The association calls on buyers to act responsibly by choosing a registered place to purchase baby animals to avoid buying sick and too young animals.

''These unvaccinated puppies, who come with or without fake documents, can introduce a variety of infectious diseases as parvovirus. Often people do not even know what vaccinations have been carried out in advance for that animal, and we cannot take decisions on the way forward," Konopore said.
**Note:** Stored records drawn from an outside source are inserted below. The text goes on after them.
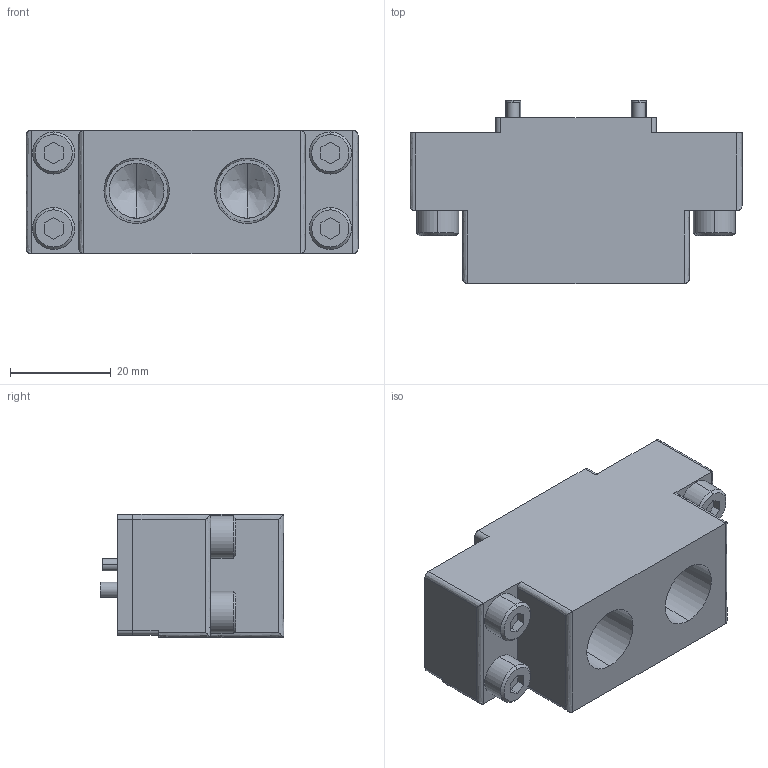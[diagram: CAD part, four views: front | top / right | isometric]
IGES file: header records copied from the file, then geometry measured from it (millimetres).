
Start section: 3D InterOp IGES (v. 2022 1.0.0), Spatial Corp. Copyright (c) 1999-2020.
Global section: file name: KHB-7RS-EP82_ver1.igs; native system: Spatial Corp.; preprocessor: 3D InterOp GENERIC/IGES 3.0; author: Noname; organization: Noname; date: 20260427.101129; units: millimetre
Bounding box: 66 x 36.5 x 24.5 mm (x, y, z)
Surface area: 12960.1 mm2 (no closed solid volume)
Topology: 0 solids, 0 shells, 209 faces, 946 edges, 942 vertices
Faces by surface type: revolution 109, extrusion 100

The PVD confirmed that imports of domestic animals on the Russian-Belarus border have increased since the beginning of last year and welfare violations have been recorded more frequently. Last year there were 20 cases when animals were returned to the country of origin and there have already been five such cases in March, said Iveta Zemniece, specialist at the Border Control Department of the PVD.

The PVD recalls that both when a dog or cat enters the European Union with its owner, or when the animal is a commercial consignment imported by an animal carrier, animal welfare requirements must be met: cages must be large enough, there must be no more than one animal in one cage, sufficient ventilation, feed and water must be provided.

When purchasing a dog or cat born in Latvia, the buyer must ask for the animal's passport and the animal must be registered in the Animal Register. Any legally imported animal must be at least three months and 21 days old and the importer must be able to produce a certificate issued by the official veterinary service of the country of origin for the animal's travel.